A maioria das crianças brasileiras vive, hoje, em dois extremos: de um lado, temos crianças que, por uma situação de carência, são obrigadas a pular a infância e a trabalhar para ajudar os pais, seja vendendo alguma coisa nas ruas ou cumprindo tarefas domésticas. De outro, temos crianças que, justamente por possuírem pais que dispõem de recursos financeiros, são obrigadas a frequentar inúmeros cursos e atividades para prepará-las para o futuro. Ou, ainda, são alvos de uma indústria comercial que vende diariamente, e com um marketing agressivo, todo tipo de produto ou brinquedo, seja pelos vídeos em plataformas digitais, seja pelo apelo aos infantes em prateleiras de supermercados ou lojas. Nos dois casos, a infância, que já é tão curta, pode ficar ainda menor, podendo gerar prejuízos ao desenvolvimento integral da criança.
Vivemos, inegavelmente, em uma sociedade de hiperconsumo. Somos cercados de publicidades dizendo, o tempo todo, que precisamos consumir novos produtos e serviços para sermos felizes e realizados. E, apesar de poder ser eticamente questionável, essa prática não é errada de acordo com nossas leis. Mas, como se não bastasse reforçar para adultos essa ideologia consumista, parte da indústria ainda tenta passar isso para crianças.


A brincadeira faz parte da infância, e qualquer pessoa que conviva com crianças, decerto, sabe que elas conseguem transformar qualquer coisa em diversão: um galho seco que caiu de uma árvore pode ser uma poderosa varinha de condão, assim como aquele lençol esticado, com algumas almofadas, torna-se uma cabana.
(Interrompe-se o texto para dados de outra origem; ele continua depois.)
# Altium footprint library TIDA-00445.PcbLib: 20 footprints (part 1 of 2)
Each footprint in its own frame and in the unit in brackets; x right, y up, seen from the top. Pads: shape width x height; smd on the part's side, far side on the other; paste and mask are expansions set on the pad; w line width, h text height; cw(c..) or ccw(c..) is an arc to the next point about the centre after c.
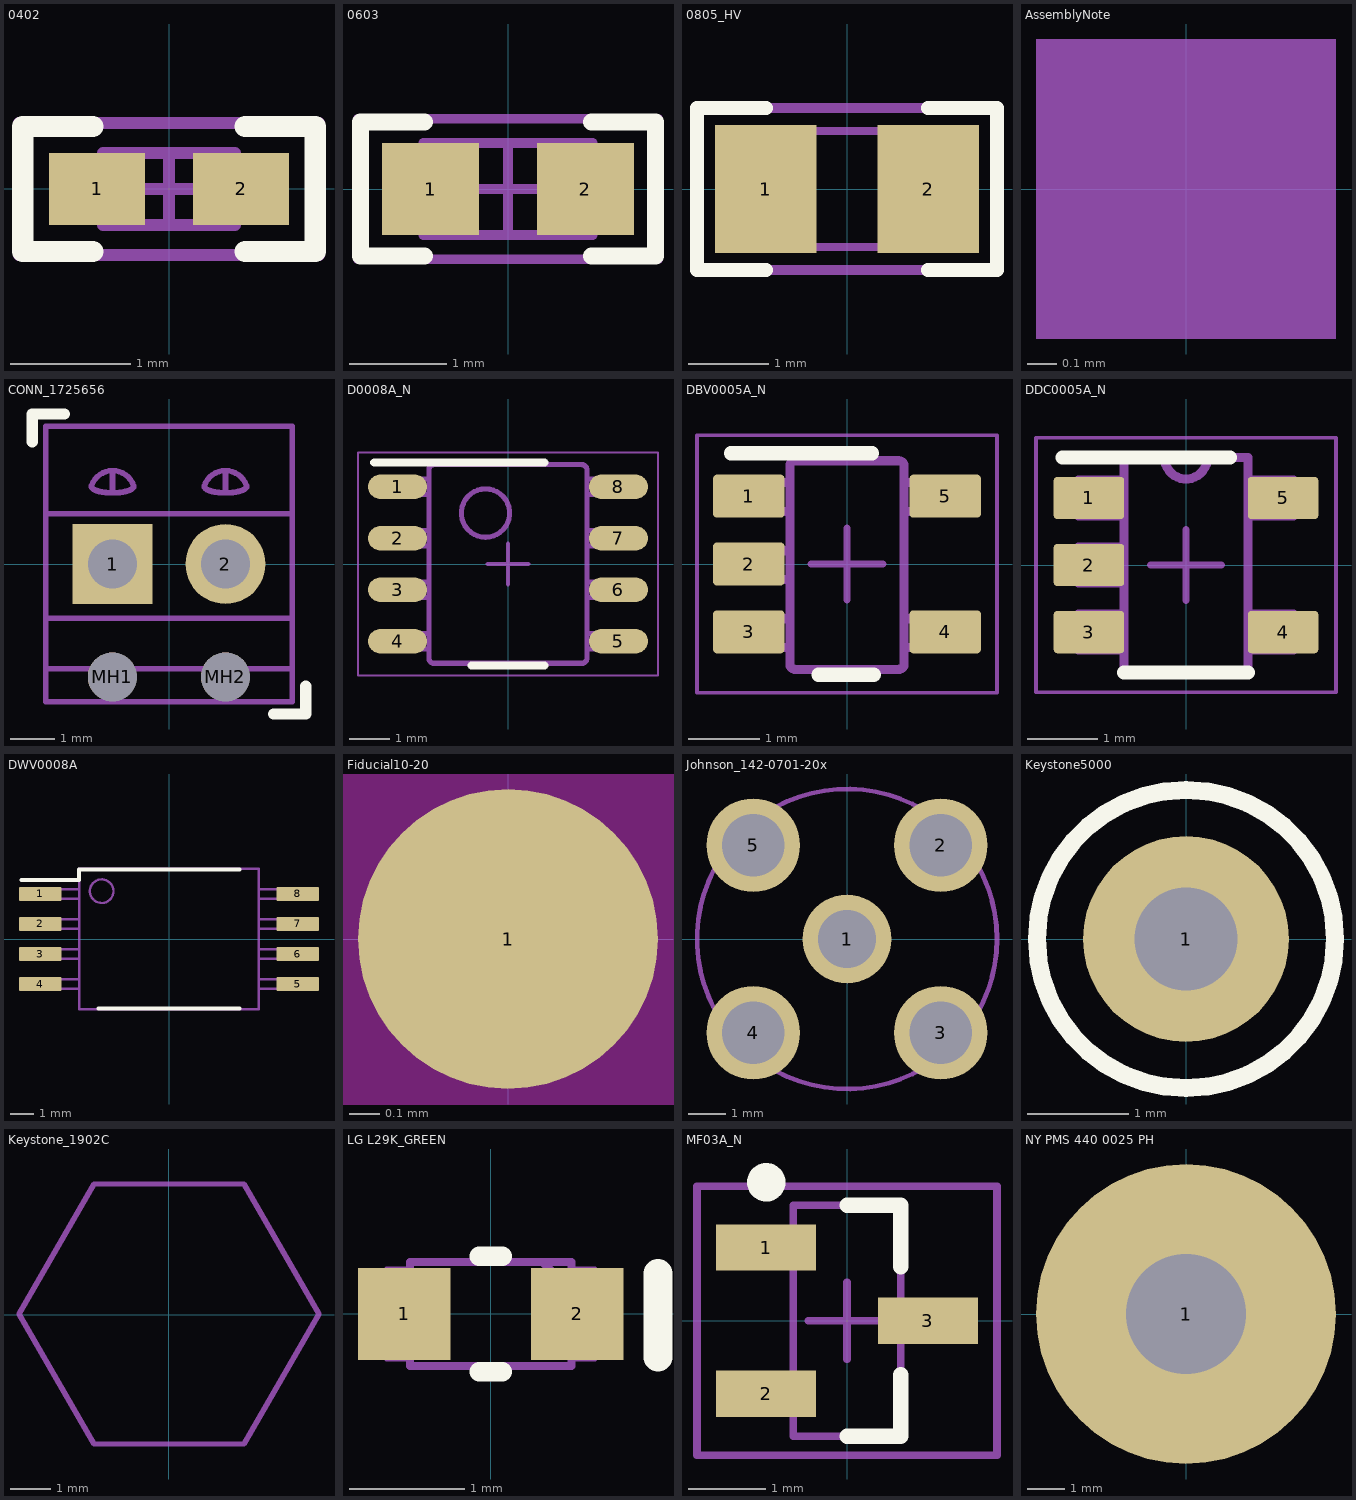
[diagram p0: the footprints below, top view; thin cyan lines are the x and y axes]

## 0402 [mm] "0402 from SM-752 data"
height 0.6
pads (2):
  rect 0.8x0.6 smd: 1(-0.6,0) 2(0.6,0)
Top Overlay:
  lines w0.178: -0.635,-0.521 -1.219,-0.521 -1.219,0.521 -0.635,0.521 ; 0.635,-0.521 1.219,-0.521 1.219,0.521 0.635,0.521
Mechanical 5:
  lines w0.1: -1.25,-0.55 -1.25,0.55 1.25,0.55 1.25,-0.55 -1.25,-0.55
  text ".Designator" at 0.483,0.432 h0.76
Mechanical 13:
  lines w0.1: -0.35,-0.3 -0.35,0.3 ; 0.35,-0.3 0.35,0.3 ; -0.55,-0.3 0.55,-0.3 0.55,0.3 -0.55,0.3 -0.55,-0.3
Mechanical 15:
  lines w0.1: -0.3,0 0.3,0 ; 0,-0.3 0,0.3 ; -1.25,-0.55 1.25,-0.55 1.25,0.55 -1.25,0.55 -1.25,-0.55
3D body: height 0.6, standoff 0, extent 0.351,-0.299 0.549,0.299
3D body: height 0.6, standoff 0, extent -0.349,-0.299 0.349,0.299
3D body: height 0.6, standoff 0, extent -0.549,-0.299 -0.351,0.299

## 0603 [mm] "0603 from SM-752 data"
height 0.85
pads (2):
  rect 1x0.95 smd: 1(-0.8,0) 2(0.8,0)
Top Overlay:
  lines w0.178: -0.864,-0.691 -1.524,-0.691 -1.524,0.693 -0.864,0.693 ; 0.864,-0.691 1.524,-0.691 1.524,0.693 0.864,0.693
Mechanical 5:
  lines w0.1: -1.55,-0.725 1.55,-0.725 1.55,0.725 -1.55,0.725 -1.55,-0.725
  text ".Designator" at -0.584,-0.356 h0.76
Mechanical 13:
  lines w0.1: -0.55,-0.475 -0.55,0.475 ; 0.55,-0.475 0.55,0.475 ; -0.875,-0.475 -0.875,0.475 0.875,0.475 0.875,-0.475 -0.875,-0.475
Mechanical 15:
  lines w0.1: -0.475,0 0.475,0 ; 0,-0.475 0,0.475 ; -1.55,-0.725 -1.55,0.725 1.55,0.725 1.55,-0.725 -1.55,-0.725
3D body: height 0.85, standoff 0, extent 0.551,-0.474 0.874,0.474
3D body: height 0.85, standoff 0, extent -0.549,-0.474 0.549,0.474
3D body: height 0.85, standoff 0, extent -0.874,-0.474 -0.551,0.474

## 0805_HV [mil] "0805 with 30mil clearance between pads"
height 57.09
pads (2):
  rect 50x63 smd: 1(-40,0) 2(40,0)
Top Overlay:
  lines w7: -40,-40 -74,-40 -74,0 -74,40 -40,40 ; 40,-40 74,-40 74,0 74,40 40,40
Mechanical 5:
  lines w5: -74,-40 -74,40 74,40 74,-40 -74,-40
  text ".Designator" at 24,17 h30
Mechanical 13:
  lines w3.94: -25.59,-28.54 -25.59,28.54 ; 25.59,-28.54 25.59,28.54 ; -43.31,-28.54 -43.31,28.54 43.31,28.54 43.31,-28.54 -43.31,-28.54
3D body: height 57.09, standoff 0, extent 25.61,-28.52 43.29,28.52
3D body: height 57.09, standoff 0, extent -25.57,-28.52 25.57,28.52
3D body: height 57.09, standoff 0, extent -43.29,-28.52 -25.61,28.52

## AssemblyNote [mm] "Assembly Note"
Mechanical 5:
  rectangle: -0.508,-0.508 0.508,0.508
  text ".Designator" at -4.191,-0.508 h0.76
  text ".Comment" at 1.143,-0.508 h0.76

## CONN_1725656 [mm] "Phoenix Contact"
height 8.5
pads (4):
  rect 1.8x1.8 hole 1.1: 1(-1.27,0)
  round 1.8 hole 1.1: 2(1.27,0)
  round 1.1 hole 1.1 unplated mask+0.254: MH1(-1.275,-2.54) MH2(1.27,-2.54)
Top Overlay:
  lines w0.254: -3.075,2.75 -3.075,3.375 -2.35,3.375 ; 2.35,-3.375 3.075,-3.375 3.075,-2.75
Mechanical 5:
  drawing of 157 lines, arcs and shapes, not listed
  text ".Designator" at 0.711,0.279 h0.76
3D body: height 8.52, standoff -3.48, extent -2.77,-3.1 2.77,3.1

## D0008A_N [mm] "SOIC, 8-Leads, Body 4.9x3.9mm, Pitch 1.27mm, IPC Medium Density"
height 1.75
pads (8):
  oval 1.45x0.6 smd: 1(-2.725,1.905) 2(-2.725,0.635) 3(-2.725,-0.635) 4(-2.725,-1.905) 5(2.725,-1.905) 6(2.725,-0.635) 7(2.725,0.635) 8(2.725,1.905)
Top Overlay:
  lines w0.2: -3.3,2.5 0.9,2.5 ; -0.9,-2.5 0.9,-2.5
Mechanical 5:
  lines w0.127: -2.375,-2.095 -1.995,-2.095 -1.952,-2.095 -1.952,-1.715 -1.995,-1.715 -2.375,-1.715 ; -2.375,-2.095 -2.589,-2.095 -3.002,-2.095 -3.002,-1.715 -2.589,-1.715 -2.375,-1.715 ; -2.375,-2.095 -2.375,-1.715 ; -2.375,-0.825 -1.995,-0.825 -1.952,-0.825 -1.952,-0.445 -1.995,-0.445 -2.375,-0.445 ; -2.375,-0.825 -2.589,-0.825 -3.002,-0.825 -3.002,-0.445 -2.589,-0.445 -2.375,-0.445 ; -2.375,-0.825 -2.375,-0.445 ; -2.375,0.445 -1.995,0.445 -1.952,0.445 -1.952,0.825 -1.995,0.825 -2.375,0.825 ; -2.375,0.445 -2.589,0.445 -3.002,0.445 -3.002,0.825 -2.589,0.825 -2.375,0.825 ; -2.375,0.445 -2.375,0.825 ; -2.375,1.715 -1.995,1.715 -1.952,1.715 -1.952,2.095 -1.995,2.095 -2.375,2.095 ; -2.375,1.715 -2.589,1.715 -3.002,1.715 -3.002,2.095 -2.589,2.095 -2.375,2.095 ; -2.375,1.715 -2.375,2.095 ; -0.332,-2.45 -1.825,-2.45 -1.826,-2.45 cw(c-1.825,-2.323) -1.952,-2.324 -1.952,-2.323 -1.952,2.323 -1.952,2.324 cw(c-1.825,2.323) -1.826,2.45 -1.825,2.45 -0.332,2.45 ; -0.332,-2.45 -0.182,-2.45 ; -0.332,-2.45 -0.182,-2.45 ; -0.332,2.45 -0.182,2.45 ; -0.332,2.45 -0.182,2.45 ; -0.182,-2.45 0.178,-2.45 ; -0.182,2.45 0.178,2.45 ; 0.178,-2.45 0.328,-2.45 ; 0.178,-2.45 0.328,-2.45 ; 0.178,2.45 0.328,2.45 ; 0.178,2.45 0.328,2.45 ; 0.328,-2.45 1.821,-2.45 1.822,-2.45 ccw(c1.821,-2.323) 1.948,-2.324 1.948,-2.323 1.948,2.323 1.948,2.324 ccw(c1.821,2.323) 1.822,2.45 1.821,2.45 0.328,2.45 ; 2.371,-2.095 2.585,-2.095 2.998,-2.095 2.998,-1.715 2.585,-1.715 2.371,-1.715 ; 2.371,-2.095 1.991,-2.095 1.948,-2.095 1.948,-1.715 1.991,-1.715 2.371,-1.715 ; 2.371,-2.095 2.371,-1.715 ; 2.371,-0.825 2.585,-0.825 2.998,-0.825 2.998,-0.445 2.585,-0.445 2.371,-0.445 ; 2.371,-0.825 1.991,-0.825 1.948,-0.825 1.948,-0.445 1.991,-0.445 2.371,-0.445 ; 2.371,-0.825 2.371,-0.445 ; 2.371,0.445 2.585,0.445 2.998,0.445 2.998,0.825 2.585,0.825 2.371,0.825 ; 2.371,0.445 1.991,0.445 1.948,0.445 1.948,0.825 1.991,0.825 2.371,0.825 ; 2.371,0.445 2.371,0.825 ; 2.371,1.715 2.585,1.715 2.998,1.715 2.998,2.095 2.585,2.095 2.371,2.095 ; 2.371,1.715 1.991,1.715 1.948,1.715 1.948,2.095 1.991,2.095 2.371,2.095 ; 2.371,1.715 2.371,2.095 ; -0.555,0.659 cw(c-0.555,1.256) -0.555,1.853 cw(c-0.555,1.256) -0.555,0.659
  text ".Designator" at -1.625,-0.625 h0.89
Mechanical 15:
  lines w0.05: -3.7,-2.75 3.7,-2.75 3.7,2.75 -3.7,2.75 -3.7,-2.75
  lines w0.1: -0.5,0 0.5,0 ; 0,-0.5 0,0.5
3D body: height 1.63, standoff 0, extent -3,-2.45 3,2.45

## DBV0005A_N [mm] "SOT23, 5-Leads, Body 2.9x1.6mm, Pitch 0.95mm, Lead Span 2.8mm, IPC Medium Density"
height 1.45
pads (5):
  rrect17% 1x0.6 smd: 1(-1.375,0.95) 2(-1.375,0) 3(-1.375,-0.95) 4(1.375,-0.95) 5(1.375,0.95)
Top Overlay:
  lines w0.2: -1.625,1.55 0.35,1.55 ; -0.4,-1.55 0.375,-1.55
Mechanical 5:
  lines w0.127: -0.801,1.371 cw(c-0.725,1.37) -0.725,1.446 ; -0.801,1.37 -0.801,1.371 ; -0.801,1.37 -0.801,-1.399 -0.801,-1.4 ccw(c-0.725,-1.399) -0.725,-1.475 ; -0.725,-1.475 0.723,-1.475 0.724,-1.475 ccw(c0.723,-1.399) 0.799,-1.4 0.799,-1.399 0.799,1.37 ; -0.725,-1.475 -0.725,-1.475 ; -0.725,1.446 -0.725,1.446 ; -0.725,1.446 0.723,1.446 0.724,1.446 cw(c0.723,1.37) 0.799,1.371 ; 0.799,1.37 0.799,1.371 ; -1.423,-1.167 -1.423,-0.767 -1.199,-0.767 -1.105,-0.767 -1.088,-0.767 -0.835,-0.767 -0.801,-0.767 -0.801,-1.167 -0.835,-1.167 -1.088,-1.167 -1.105,-1.167 -1.199,-1.167 -1.423,-1.167 ; -1.423,-0.215 -1.423,0.186 -1.199,0.186 -1.105,0.186 -1.088,0.186 -0.835,0.186 -0.801,0.186 -0.801,-0.215 -0.835,-0.215 -1.088,-0.215 -1.105,-0.215 -1.199,-0.215 -1.423,-0.215 ; -1.423,0.738 -1.423,1.138 -1.199,1.138 -1.105,1.138 -1.088,1.138 -0.835,1.138 -0.801,1.138 -0.801,0.738 -0.835,0.738 -1.088,0.738 -1.105,0.738 -1.199,0.738 -1.423,0.738 ; 0.799,-1.167 0.834,-1.167 1.087,-1.167 1.103,-1.167 1.198,-1.167 1.422,-1.167 1.422,-0.767 1.198,-0.767 1.103,-0.767 1.087,-0.767 0.834,-0.767 0.799,-0.767 0.799,-1.167 ; 0.799,0.738 0.834,0.738 1.087,0.738 1.103,0.738 1.198,0.738 1.422,0.738 1.422,1.138 1.198,1.138 1.103,1.138 1.087,1.138 0.834,1.138 0.799,1.138 0.799,0.738
  text ".Designator" at 0.305,-0.533 h0.76
Mechanical 15:
  lines w0.05: -2.1,-1.8 -2.1,1.8 2.1,1.8 2.1,-1.8 -2.1,-1.8
  lines w0.1: -0.5,0 0.5,0 ; 0,-0.5 0,0.5
3D body: height 1.09, standoff 0, extent -1.422,-1.46 1.422,1.461

## DDC0005A_N [mm]
height 1.1
pads (5):
  rrect17% 1x0.6 smd: 1(-1.375,0.95) 2(-1.375,0) 3(-1.375,-0.95) 4(1.375,-0.95) 5(1.375,0.95)
Top Overlay:
  lines w0.2: -1.75,1.525 0.625,1.525 ; -0.876,-1.524 0.876,-1.524
Mechanical 5:
  lines w0.127: -0.305,1.524 ccw(c0,1.524) 0.305,1.524 ; -1.524,-1.204 -1.524,-0.696 -0.876,-0.696 -0.876,-1.204 -1.524,-1.204 ; -1.524,-0.254 -1.524,0.254 -0.876,0.254 -0.876,-0.254 -1.524,-0.254 ; -1.524,0.696 -1.524,1.204 -0.876,1.204 -0.876,0.696 -1.524,0.696 ; -0.876,-1.524 0.876,-1.524 0.876,1.524 -0.876,1.524 -0.876,-1.524 ; 0.876,-1.204 0.876,-0.696 1.524,-0.696 1.524,-1.204 0.876,-1.204 ; 0.876,0.696 0.876,1.204 1.524,1.204 1.524,0.696 0.876,0.696
  text ".Designator" at -0.356,0.635 h0.76
Mechanical 15:
  lines w0.05: -2.125,-1.8 2.125,-1.8 2.125,1.8 -2.125,1.8 -2.125,-1.8
  lines w0.1: -0.5,0 0.5,0 ; 0,-0.5 0,0.5
3D body: height 1.1, standoff 0, extent -1.405,-1.45 1.406,1.45

## DWV0008A [mm] "SOIC, 8-Leads, Body 5.95x7.6mm (max), Pitch 1.27mm"
height 2.8
pads (8):
  rrect17% 1.8x0.6 smd: 1(-5.45,1.905) 2(-5.45,0.635) 3(-5.45,-0.635) 4(-5.45,-1.905) 5(5.45,-1.905) 6(5.45,-0.635) 7(5.45,0.635) 8(5.45,1.905)
Top Overlay:
  lines w0.17: -6.25,2.5 -3.8,2.5 -3.8,2.95 2.975,2.95 ; -2.975,-2.95 2.975,-2.95
Mechanical 5:
  circle w0.1: c-2.85,2.025 r0.5
  lines w0.1: -3.805,-2.105 -5.8,-2.105 -5.8,-1.705 -3.805,-1.705 ; -3.805,-0.835 -5.8,-0.835 -5.8,-0.435 -3.805,-0.435 ; -3.805,0.435 -5.8,0.435 -5.8,0.835 -3.805,0.835 ; -3.805,1.705 -5.8,1.705 -5.8,2.105 -3.805,2.105 ; 3.805,-2.105 5.8,-2.105 5.8,-1.705 3.805,-1.705 ; 3.805,-0.835 5.8,-0.835 5.8,-0.435 3.805,-0.435 ; 3.805,0.435 5.8,0.435 5.8,0.835 3.805,0.835 ; 3.805,1.705 5.8,1.705 5.8,2.105 3.805,2.105 ; -3.8,-2.975 -3.8,2.975 3.8,2.975 3.8,-2.975 -3.8,-2.975
  text ".Designator" at -2.8,-0.8 h0.76
3D body: height 2.67, standoff -0.03, extent -5.768,-2.925 5.768,2.925

## Fiducial10-20 [mm]
height 13
pads (1):
  round 1 smd mask+0.5: 1(0,0)
Top Layer keep-out:
  circle w1.178: c0,0 r0.5

## Johnson_142-0701-20x [mil] "Johnson Components recommended land pattern"
height 375
pads (5):
  round 95 hole 62: 1(0,0)
  round 100 hole 67: 2(100,100) 3(100,-100) 4(-100,-100) 5(-100,100)
Mechanical 5:
  circle w5: c0,0 r160
  text ".Designator" at -64,-25 h30
3D body: height 375, standoff -155, extent -155.99,-155.8 156.01,155.8

## Keystone5000 [mil] "For Keystone 500x miniature loop terminals"
height 181.1
pads (1):
  round 80 hole 40: 1(0,0)
Top Overlay:
  circle w7: c0,0 r58
Mechanical 5:
  circle w5: c0,0 r58.31
  text ".Designator" at -33,-15 h30
3D body: height 181.97, standoff -118.11, extent -49,-49 49.04,49.24

## Keystone_1902C [mil] "Hex Standoff, 4-40 threaded, nylon"
height 500
pads (1):
  round 1 on Mech3: 0(0,0)
Mechanical 5:
  lines w5: -145.29,0.49 -72.56,126.47 72.92,126.47 145.65,0.49 72.92,-125.49 -72.56,-125.49 -145.29,0.49
  text ".Designator" at -60,-20 h30
3D body: height 501, standoff 1, extent -144.95,-125.98 146,125.98

## LG L29K_GREEN [mm] "OSRAM"
height 0.67
pads (2):
  rect 0.8x0.8 smd paste-0.4: 1(-0.75,0) 2(0.75,0)
Top Overlay:
  lines w0.17: -0.1,-0.5 0.1,-0.5 ; -0.1,0.5 0.1,0.5
  lines w0.25: 1.45,-0.375 1.45,0.35
Top Paste:
  rectangle: -1.1,-0.35 -0.5,0.35
  rectangle: 0.5,-0.35 1.1,0.35
Mechanical 5:
  lines w0.07: 0.7,0.375 0.9,0.375 0.9,-0.375 0.7,-0.375 ; 0.7,-0.375 0.7,0.2 ; 0.7,-0.375 0.7,-0.45 -0.7,-0.45 -0.7,-0.375 -0.9,-0.375 -0.9,0.375 -0.7,0.375 -0.7,0.45 0.7,0.45 ; 0.7,0.2 0.45,0.45 0.7,0.45 ; 0.7,0.2 0.7,0.45
  text ".Designator" at 0.66,-0.737 h0.76
3D body: height 0.18, standoff 0, extent -0.899,-0.374 -0.701,0.374
3D body: height 0.18, standoff 0, extent 0.701,-0.374 0.899,0.374
3D body: height 0.18, standoff 0, extent -0.699,-0.449 0.699,0.449
3D body: height 0.67, standoff 0.18, extent -0.699,-0.449 0.699,0.449
3D body: height 0.67, standoff 0.65, extent 0.451,0.201 0.699,0.449

## MF03A_N [mm] "SOT23, 3-Leads, Body 2.9x1.3mm, Pitch 0.95mm, Lead Span 2.4mm, IPC Medium Density"
height 1.12
pads (3):
  rect 1.3x0.6 smd: 1(-1.05,0.95) 2(-1.05,-0.95) 3(1.05,0)
Top Overlay:
  circle w0.25: c-1.05,1.8 r0.125
  lines w0.2: 0,-1.5 0.7,-1.5 0.7,-0.7 ; 0,1.5 0.7,1.5 0.7,0.7
Mechanical 5:
  text ".Designator" at 0,0.381 h0.76
Mechanical 13:
  lines w0.1: -0.7,-1.5 -0.7,1.5 0.7,1.5 0.7,-1.5 -0.7,-1.5
Mechanical 15:
  lines w0.1: -0.5,0 0.5,0 ; 0,-0.5 0,0.5 ; -1.95,-1.75 -1.95,1.75 1.95,1.75 1.95,-1.75 -1.95,-1.75
3D body: height 1.12, standoff 0, extent -0.7,-1.5 0.7,1.5

## NY PMS 440 0025 PH [mm] "4-40 nylon screw and mounting hole"
height 1.905
pads (1):
  round 8 hole 3.2 unplated: 1(0,0)
Mechanical 5:
  circle w0.127: c0,0 r3.789
  text ".Designator" at -0.686,-0.508 h0.76
3D body: height 2.69, standoff -8.74, extent -3.302,-3.3 3.296,3.3

Pedrinhas e sementes, em um copo, viram um incrível instrumento musical. Um saquinho de proteção de talheres vira um balão, etc.
Crianças têm uma capacidade imaginativa ilimitada. Aliás, a partir dela, a brincadeira e o brincar livre se constroem naturalmente, se deixarmos. Sem distinções sociais, econômicas, de gênero ou regionalidade, o brincar é inegavelmente necessário à infância.

Uma recente pesquisa do “Programa Criança e Consumo”, realizada pelo Instituto Alana, revelou que o impacto ambiental gerado pelo excesso de consumo de brinquedos e suas
embalagens plásticas são resultado de um ciclo complexo, que começa ainda na publicidade infantil, despertando o desejo de possuir determinado brinquedo, mas sem a devida percepção sobre um consumo consciente.
A sobrecarga de exposição publicitária desperta na criança a insaciedade de possuir todo tipo de novidade. Além do acúmulo de plásticos e pilhas dentro de casa, há falhas no descarte, o que vem contribuindo para o acúmulo desastroso de resíduos no meio ambiente.
Um dos principais dados da pesquisa mostrou que 90% dos brinquedos produzidos são mundialmente feitos com algum tipo de plástico que, segundo o World Wide Fund for Nature (WWF), pode permanecer no meio ambiente por até 500 anos.Além disso, só 9% do plástico que é produzido é, de fato, reciclado.
Para o sociólogo e mestre em psicologia Alexandre Borges, a compra de brinquedos contínua e sem limites cria, no imaginário da criança, o sentimento de que tudo está ao seu alcance, basta pedir aos pais. Este acúmulo sem consciência alimenta, no sujeito, desde pequeno, um sentimento de associação de bemestar pela ação de “comprar coisas” dispensáveis no dia a dia.
Esse é o ritmo frenético da indústria, que impõe, cada vez mais, o consumo, através da criação de pseudonecessidades que não têm fim - fora que, em caso de divórcios, às vezes, os presentes são formas de alienação ou “compras” e “compensações” dos filhos. Portanto, mais do que presentes no dia da criança, precisamos estar e se fazer presentes da vida das crianças, possibilitando, assim, a criação de crianças e futuros adultos conscientes.